▸ What you need to do: Images aside, return all the entries exactly.

------ Given records ------

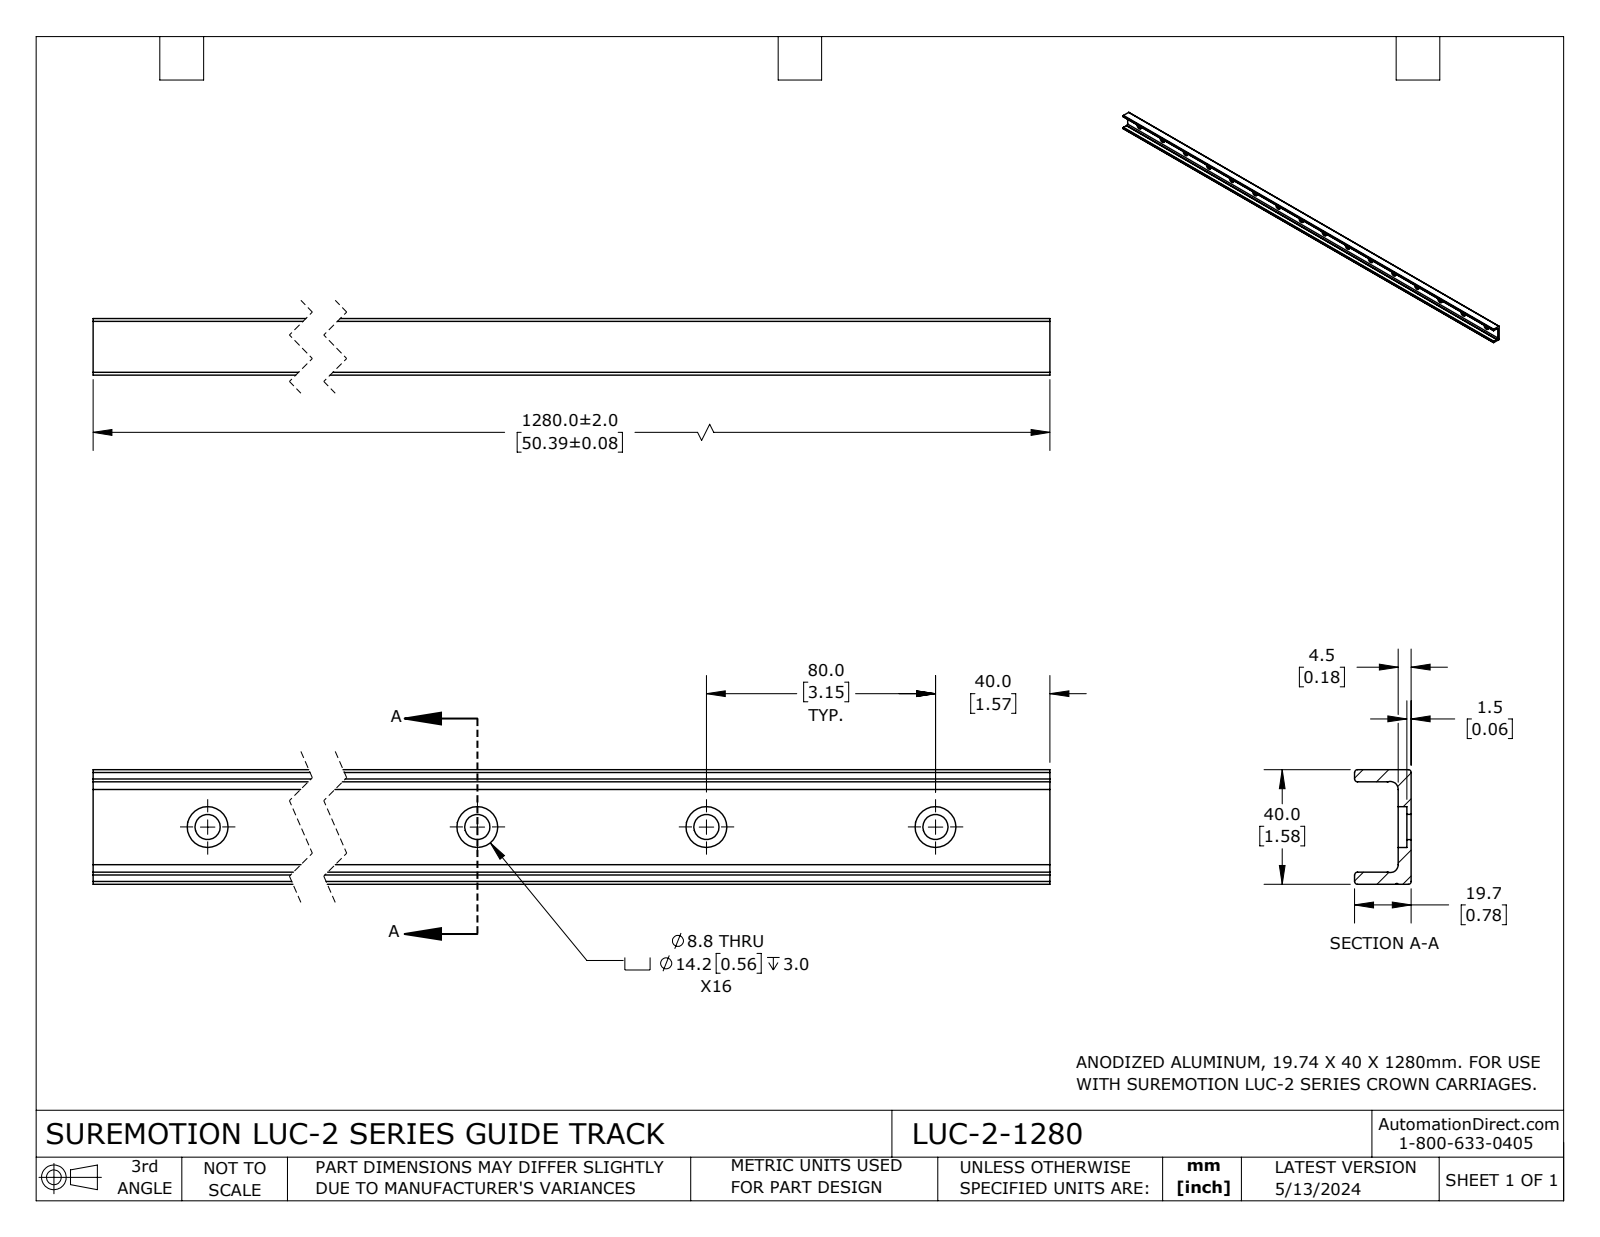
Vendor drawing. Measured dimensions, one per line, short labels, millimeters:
name: LUC-2-1280
written by: SolidWorks 2023 (CONFIG_CONTROL_DESIGN)
unit: mm
bodies: 1 solid, 102 faces (27 planar, 75 cylindrical, 0 other)
size: 1280 × 40.01 × 19.74
volume: 388 426 mm³; area: 188 050 mm²
holes: 16× ⌀8.81, 16× ⌀14.25
rounds: 8× R0.99, 2× R2.77, 1× R0.33
face distances: 4.5, 4.26, 35.76, 40.02, 31.5, 19.74, 15.24, 1.5, 3, 18.24
hole spacings: 80, 160, 240, 320, 400, 480, 560, 640

------

▸ Answer for this exercise:
Vendor drawing. Measured dimensions, one per line, short labels, millimeters:
name: LUC-2-1280
written by: SolidWorks 2023 (CONFIG_CONTROL_DESIGN)
unit: mm
bodies: 1 solid, 102 faces (27 planar, 75 cylindrical, 0 other)
size: 1280 × 40.01 × 19.74
volume: 388 426 mm³; area: 188 050 mm²
holes: 16× ⌀8.81, 16× ⌀14.25
rounds: 8× R0.99, 2× R2.77, 1× R0.33
face distances: 4.5, 4.26, 35.76, 40.02, 31.5, 19.74, 15.24, 1.5, 3, 18.24
hole spacings: 80, 160, 240, 320, 400, 480, 560, 640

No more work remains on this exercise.